§ **WHAT YOU SHOULD DO**
Find the word "name" in the records and copy every line where it occurs.
--- DATA PROVIDED ---
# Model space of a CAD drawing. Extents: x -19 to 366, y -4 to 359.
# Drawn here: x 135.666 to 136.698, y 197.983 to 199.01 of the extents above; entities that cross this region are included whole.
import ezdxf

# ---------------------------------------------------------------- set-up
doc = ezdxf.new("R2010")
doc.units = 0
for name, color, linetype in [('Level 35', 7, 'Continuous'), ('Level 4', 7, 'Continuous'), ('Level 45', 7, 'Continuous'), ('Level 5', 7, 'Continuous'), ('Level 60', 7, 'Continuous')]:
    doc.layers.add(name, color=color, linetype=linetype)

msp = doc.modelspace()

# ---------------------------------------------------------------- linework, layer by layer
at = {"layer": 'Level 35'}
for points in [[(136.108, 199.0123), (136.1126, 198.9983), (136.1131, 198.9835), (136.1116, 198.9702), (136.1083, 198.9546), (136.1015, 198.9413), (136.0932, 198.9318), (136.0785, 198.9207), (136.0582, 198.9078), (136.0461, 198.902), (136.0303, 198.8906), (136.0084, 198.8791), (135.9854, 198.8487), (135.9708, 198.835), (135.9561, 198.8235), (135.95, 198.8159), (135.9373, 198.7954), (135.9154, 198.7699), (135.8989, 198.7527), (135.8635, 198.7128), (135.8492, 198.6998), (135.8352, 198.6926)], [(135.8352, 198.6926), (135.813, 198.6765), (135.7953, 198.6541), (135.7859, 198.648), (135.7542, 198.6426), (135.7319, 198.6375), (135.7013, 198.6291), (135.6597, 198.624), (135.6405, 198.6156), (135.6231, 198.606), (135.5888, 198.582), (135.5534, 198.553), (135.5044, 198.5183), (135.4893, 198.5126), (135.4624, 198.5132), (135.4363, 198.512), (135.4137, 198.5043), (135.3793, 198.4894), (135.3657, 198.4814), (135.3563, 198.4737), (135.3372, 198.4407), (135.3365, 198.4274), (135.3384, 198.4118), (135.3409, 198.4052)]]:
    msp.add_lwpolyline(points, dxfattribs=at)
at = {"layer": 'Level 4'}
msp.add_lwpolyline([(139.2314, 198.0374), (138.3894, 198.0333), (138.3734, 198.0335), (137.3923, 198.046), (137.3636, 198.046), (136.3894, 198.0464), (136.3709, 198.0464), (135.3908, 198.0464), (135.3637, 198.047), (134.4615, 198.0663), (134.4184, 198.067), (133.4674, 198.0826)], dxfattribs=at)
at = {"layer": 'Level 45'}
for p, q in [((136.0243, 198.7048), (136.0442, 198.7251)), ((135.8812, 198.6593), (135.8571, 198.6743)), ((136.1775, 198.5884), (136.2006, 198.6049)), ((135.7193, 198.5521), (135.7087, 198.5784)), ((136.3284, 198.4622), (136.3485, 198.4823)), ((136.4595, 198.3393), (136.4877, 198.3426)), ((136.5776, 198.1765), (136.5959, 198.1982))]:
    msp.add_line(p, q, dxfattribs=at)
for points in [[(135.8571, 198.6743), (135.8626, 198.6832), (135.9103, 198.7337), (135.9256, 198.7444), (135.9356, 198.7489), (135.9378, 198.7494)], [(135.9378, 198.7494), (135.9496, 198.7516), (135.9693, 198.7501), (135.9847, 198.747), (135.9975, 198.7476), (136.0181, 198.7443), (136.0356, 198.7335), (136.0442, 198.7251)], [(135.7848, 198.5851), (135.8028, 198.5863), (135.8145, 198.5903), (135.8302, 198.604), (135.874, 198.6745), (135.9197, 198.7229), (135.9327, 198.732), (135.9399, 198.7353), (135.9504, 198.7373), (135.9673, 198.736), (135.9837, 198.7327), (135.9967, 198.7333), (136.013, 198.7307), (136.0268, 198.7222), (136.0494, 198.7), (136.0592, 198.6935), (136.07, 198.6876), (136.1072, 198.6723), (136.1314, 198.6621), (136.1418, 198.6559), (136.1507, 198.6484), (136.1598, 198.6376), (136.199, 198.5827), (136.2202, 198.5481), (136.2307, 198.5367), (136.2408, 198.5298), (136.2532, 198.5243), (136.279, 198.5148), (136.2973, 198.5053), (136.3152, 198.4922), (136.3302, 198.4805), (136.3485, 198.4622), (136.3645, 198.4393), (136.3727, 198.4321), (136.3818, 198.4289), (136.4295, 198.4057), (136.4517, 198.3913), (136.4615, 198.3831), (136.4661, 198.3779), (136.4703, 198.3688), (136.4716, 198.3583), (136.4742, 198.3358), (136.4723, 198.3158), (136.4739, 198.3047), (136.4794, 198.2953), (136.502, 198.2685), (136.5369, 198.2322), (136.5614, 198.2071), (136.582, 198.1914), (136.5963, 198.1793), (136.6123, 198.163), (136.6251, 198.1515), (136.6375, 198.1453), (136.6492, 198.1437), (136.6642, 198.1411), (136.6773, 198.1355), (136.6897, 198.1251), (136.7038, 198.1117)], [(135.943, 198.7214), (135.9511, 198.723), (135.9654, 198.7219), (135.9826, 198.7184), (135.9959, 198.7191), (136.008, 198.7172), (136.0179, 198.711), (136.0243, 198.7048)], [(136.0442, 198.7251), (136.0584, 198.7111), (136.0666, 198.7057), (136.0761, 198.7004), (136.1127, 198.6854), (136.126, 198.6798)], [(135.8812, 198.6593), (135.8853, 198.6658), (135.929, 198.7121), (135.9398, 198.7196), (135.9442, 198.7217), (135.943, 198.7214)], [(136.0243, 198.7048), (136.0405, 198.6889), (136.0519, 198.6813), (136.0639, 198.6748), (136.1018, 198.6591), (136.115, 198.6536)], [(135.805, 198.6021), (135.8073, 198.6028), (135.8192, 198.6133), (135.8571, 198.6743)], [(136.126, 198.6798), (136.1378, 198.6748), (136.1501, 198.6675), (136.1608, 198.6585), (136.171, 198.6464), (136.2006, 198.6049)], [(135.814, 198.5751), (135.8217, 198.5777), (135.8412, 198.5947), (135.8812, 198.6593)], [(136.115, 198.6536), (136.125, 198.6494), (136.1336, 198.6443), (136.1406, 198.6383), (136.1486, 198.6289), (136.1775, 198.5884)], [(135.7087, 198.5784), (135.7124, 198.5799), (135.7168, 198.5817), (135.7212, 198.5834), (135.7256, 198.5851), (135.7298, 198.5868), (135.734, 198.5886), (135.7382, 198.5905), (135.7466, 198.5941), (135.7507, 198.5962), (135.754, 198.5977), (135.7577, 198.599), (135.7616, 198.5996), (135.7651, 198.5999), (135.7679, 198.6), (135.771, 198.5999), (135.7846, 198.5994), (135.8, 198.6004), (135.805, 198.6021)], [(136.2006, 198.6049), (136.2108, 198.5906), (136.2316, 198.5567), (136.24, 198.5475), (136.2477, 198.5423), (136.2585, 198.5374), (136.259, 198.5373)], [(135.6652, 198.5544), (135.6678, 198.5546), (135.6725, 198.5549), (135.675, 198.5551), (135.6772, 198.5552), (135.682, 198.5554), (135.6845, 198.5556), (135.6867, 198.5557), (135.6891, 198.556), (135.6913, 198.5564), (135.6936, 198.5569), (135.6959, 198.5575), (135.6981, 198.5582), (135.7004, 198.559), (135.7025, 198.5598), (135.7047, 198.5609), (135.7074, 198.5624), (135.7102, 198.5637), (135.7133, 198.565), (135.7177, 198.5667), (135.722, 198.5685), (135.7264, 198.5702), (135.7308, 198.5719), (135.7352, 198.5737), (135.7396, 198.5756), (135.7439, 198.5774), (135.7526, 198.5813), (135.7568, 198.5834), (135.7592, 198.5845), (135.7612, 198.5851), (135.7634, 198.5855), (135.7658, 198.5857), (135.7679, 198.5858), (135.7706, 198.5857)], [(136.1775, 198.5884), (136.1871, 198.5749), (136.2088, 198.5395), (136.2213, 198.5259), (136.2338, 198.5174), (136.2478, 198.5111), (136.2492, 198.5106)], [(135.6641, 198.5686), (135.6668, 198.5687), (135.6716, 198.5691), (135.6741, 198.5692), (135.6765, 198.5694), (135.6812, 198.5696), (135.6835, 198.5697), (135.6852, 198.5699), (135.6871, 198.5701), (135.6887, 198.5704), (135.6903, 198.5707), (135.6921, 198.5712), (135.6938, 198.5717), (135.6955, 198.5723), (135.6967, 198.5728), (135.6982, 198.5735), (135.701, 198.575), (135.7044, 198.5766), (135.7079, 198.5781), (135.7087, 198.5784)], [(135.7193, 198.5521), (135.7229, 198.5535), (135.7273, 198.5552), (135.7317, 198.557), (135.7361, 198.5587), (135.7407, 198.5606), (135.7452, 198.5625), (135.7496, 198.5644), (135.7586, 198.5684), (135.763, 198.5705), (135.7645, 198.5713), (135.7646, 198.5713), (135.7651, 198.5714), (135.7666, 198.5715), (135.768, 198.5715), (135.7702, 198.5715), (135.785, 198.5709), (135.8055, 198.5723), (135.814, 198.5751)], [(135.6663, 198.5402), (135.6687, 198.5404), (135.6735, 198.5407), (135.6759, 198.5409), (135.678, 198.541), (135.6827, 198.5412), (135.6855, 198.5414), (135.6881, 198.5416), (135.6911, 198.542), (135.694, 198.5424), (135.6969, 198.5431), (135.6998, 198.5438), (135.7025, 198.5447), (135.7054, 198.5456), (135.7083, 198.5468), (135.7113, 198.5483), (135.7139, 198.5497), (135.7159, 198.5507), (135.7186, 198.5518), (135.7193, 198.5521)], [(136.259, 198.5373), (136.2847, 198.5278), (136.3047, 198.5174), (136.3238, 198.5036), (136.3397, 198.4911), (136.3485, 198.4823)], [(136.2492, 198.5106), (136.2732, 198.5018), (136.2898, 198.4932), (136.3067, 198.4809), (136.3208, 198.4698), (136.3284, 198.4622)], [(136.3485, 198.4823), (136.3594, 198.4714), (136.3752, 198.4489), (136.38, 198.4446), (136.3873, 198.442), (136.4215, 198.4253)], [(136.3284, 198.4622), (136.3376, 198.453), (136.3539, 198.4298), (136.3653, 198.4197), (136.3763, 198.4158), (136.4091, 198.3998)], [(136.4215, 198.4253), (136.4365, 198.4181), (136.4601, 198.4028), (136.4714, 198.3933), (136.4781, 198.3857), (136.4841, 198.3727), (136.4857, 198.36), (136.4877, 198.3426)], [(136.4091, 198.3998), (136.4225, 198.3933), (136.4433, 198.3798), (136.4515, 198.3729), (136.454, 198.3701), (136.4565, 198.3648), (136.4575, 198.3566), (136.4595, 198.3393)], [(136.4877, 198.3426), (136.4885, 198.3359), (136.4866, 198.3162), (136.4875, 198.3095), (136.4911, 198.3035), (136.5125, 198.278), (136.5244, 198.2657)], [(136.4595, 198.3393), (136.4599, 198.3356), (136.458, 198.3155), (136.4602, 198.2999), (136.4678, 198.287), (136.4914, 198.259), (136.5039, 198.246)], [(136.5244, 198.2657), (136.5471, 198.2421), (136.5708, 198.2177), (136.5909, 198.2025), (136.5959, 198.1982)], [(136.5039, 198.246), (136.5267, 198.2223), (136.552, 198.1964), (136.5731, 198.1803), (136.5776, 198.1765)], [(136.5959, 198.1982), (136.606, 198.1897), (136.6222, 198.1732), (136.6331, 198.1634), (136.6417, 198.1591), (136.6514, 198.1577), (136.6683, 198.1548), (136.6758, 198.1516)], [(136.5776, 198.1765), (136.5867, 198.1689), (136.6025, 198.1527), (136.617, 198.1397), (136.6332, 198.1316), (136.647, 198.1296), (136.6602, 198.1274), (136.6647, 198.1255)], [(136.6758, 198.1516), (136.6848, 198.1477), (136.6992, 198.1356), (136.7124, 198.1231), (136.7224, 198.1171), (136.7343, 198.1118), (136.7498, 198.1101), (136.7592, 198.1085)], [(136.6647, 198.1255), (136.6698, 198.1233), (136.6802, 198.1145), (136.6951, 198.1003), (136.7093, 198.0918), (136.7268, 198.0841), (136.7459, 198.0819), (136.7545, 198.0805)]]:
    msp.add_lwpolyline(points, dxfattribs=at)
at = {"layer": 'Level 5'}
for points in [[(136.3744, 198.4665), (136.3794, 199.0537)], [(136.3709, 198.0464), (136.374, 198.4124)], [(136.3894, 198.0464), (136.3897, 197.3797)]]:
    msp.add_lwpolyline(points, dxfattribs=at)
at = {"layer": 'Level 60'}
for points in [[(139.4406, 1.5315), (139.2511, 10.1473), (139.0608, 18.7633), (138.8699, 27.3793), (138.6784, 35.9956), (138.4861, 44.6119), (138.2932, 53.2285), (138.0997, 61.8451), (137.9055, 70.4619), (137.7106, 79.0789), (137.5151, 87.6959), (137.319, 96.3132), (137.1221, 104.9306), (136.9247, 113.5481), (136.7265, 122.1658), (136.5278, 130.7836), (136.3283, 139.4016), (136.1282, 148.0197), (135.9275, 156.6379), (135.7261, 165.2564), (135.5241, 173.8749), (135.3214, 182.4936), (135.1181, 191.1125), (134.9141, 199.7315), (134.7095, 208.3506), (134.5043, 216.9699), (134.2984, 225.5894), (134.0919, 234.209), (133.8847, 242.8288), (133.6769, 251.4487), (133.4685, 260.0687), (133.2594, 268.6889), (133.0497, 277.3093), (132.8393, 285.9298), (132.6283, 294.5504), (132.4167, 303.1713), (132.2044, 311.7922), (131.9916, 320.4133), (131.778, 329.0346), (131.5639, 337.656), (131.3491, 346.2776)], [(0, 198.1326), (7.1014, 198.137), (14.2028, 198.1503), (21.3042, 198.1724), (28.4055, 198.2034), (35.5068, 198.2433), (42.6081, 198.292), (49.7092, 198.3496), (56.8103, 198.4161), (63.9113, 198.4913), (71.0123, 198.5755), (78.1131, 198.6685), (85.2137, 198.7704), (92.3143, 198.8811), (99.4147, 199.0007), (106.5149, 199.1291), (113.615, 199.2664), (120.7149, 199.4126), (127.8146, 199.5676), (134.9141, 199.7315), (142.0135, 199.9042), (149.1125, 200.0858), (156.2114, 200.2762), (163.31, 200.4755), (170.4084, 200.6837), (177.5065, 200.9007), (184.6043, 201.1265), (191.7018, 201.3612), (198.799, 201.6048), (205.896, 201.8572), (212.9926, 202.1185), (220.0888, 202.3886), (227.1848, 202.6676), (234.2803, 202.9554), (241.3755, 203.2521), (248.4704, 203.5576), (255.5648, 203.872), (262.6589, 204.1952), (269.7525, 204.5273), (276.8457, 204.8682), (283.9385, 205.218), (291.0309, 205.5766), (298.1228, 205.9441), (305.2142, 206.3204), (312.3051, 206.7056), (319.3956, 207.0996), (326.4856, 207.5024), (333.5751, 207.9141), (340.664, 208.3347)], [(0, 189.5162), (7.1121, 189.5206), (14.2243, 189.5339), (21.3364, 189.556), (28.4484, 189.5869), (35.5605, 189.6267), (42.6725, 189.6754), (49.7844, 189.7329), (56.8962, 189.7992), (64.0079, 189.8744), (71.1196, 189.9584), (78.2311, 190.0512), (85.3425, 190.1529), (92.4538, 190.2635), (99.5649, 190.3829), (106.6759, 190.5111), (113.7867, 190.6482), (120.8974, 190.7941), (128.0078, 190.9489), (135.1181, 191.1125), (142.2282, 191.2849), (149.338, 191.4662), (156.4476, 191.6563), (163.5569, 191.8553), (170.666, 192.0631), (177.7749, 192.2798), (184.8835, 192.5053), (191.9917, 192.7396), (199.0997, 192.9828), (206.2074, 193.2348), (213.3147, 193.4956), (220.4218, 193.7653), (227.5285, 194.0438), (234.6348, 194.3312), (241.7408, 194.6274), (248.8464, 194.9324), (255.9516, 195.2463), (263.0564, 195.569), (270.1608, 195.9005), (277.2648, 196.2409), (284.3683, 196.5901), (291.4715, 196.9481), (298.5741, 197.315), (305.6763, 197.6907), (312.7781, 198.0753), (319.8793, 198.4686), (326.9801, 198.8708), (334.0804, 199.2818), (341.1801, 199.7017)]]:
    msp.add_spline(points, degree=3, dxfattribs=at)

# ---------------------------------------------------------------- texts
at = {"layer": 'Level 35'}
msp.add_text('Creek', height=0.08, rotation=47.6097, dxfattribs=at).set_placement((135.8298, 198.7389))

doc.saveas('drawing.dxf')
---
§ **ANSWER BOX**
for name, color, linetype in [('Level 35', 7, 'Continuous'), ('Level 4', 7, 'Continuous'), ('Level 45', 7, 'Continuous'), ('Level 5', 7, 'Continuous'), ('Level 60', 7, 'Continuous')]:
    doc.layers.add(name, color=color, linetype=linetype)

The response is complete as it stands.